ACTION ITEM: Give every line of the data again, unchanged, but with no pictures.

Collection entries
•••••

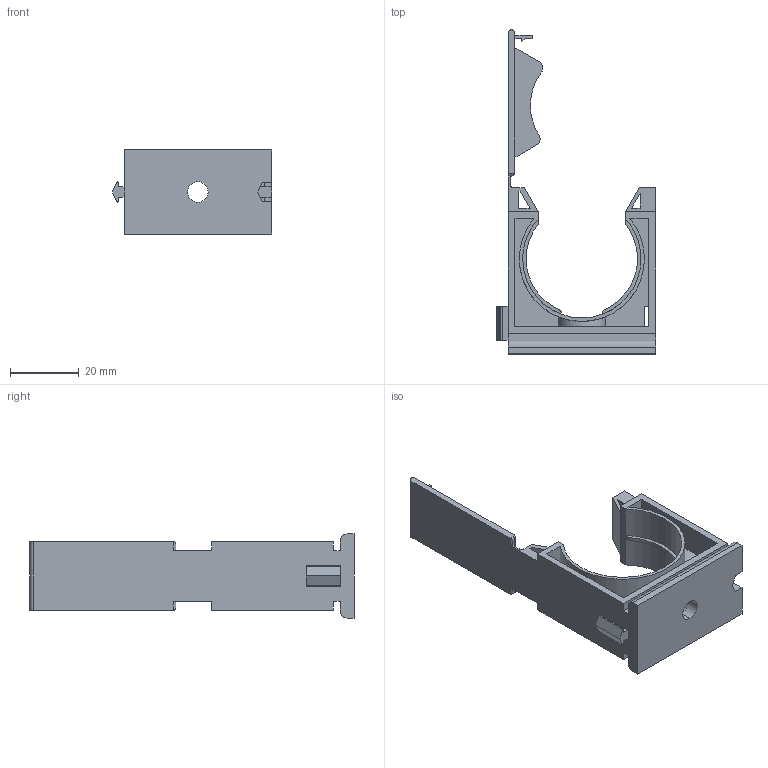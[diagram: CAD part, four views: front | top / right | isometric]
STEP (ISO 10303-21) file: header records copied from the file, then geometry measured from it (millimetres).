
FILE_DESCRIPTION (( 'STEP AP203' ), '1' );
FILE_NAME ('WQSC-AD34.5.STEP', '2016-03-25T02:49:39', ( '' ), ( '' ), 'SwSTEP 2.0', 'SolidWorks 2010', '' );
FILE_SCHEMA (( 'CONFIG_CONTROL_DESIGN' ));
Length unit declared in the file: millimetre
Products named in the file (1): WQSC-AD34.5
Bounding box: 46.4 x 94.5 x 24.5 mm (x, y, z)
Volume: 15035 mm3; surface area: 14285.9 mm2
Topology: 1 solids, 1 shells, 141 faces, 400 edges, 262 vertices
Faces by surface type: plane 98, cylinder 41, torus 2
Entity records: 4787 total; most frequent: CARTESIAN_POINT 981, ORIENTED_EDGE 800, DIRECTION 750, EDGE_CURVE 400, LINE 308, VECTOR 308, VERTEX_POINT 262, AXIS2_PLACEMENT_3D 221

•••••

FINISHED TASK:
[diagram: CAD part, four views: front | top / right | isometric]
STEP (ISO 10303-21) file: header records copied from the file, then geometry measured from it (millimetres).
FILE_DESCRIPTION (( 'STEP AP203' ), '1' );
FILE_NAME ('WQSC-AD34.5.STEP', '2016-03-25T02:49:39', ( '' ), ( '' ), 'SwSTEP 2.0', 'SolidWorks 2010', '' );
FILE_SCHEMA (( 'CONFIG_CONTROL_DESIGN' ));
Length unit declared in the file: millimetre
Products named in the file (1): WQSC-AD34.5
Bounding box: 46.4 x 94.5 x 24.5 mm (x, y, z)
Volume: 15035 mm3; surface area: 14285.9 mm2
Topology: 1 solids, 1 shells, 141 faces, 400 edges, 262 vertices
Faces by surface type: plane 98, cylinder 41, torus 2
Entity records: 4787 total; most frequent: CARTESIAN_POINT 981, ORIENTED_EDGE 800, DIRECTION 750, EDGE_CURVE 400, LINE 308, VECTOR 308, VERTEX_POINT 262, AXIS2_PLACEMENT_3D 221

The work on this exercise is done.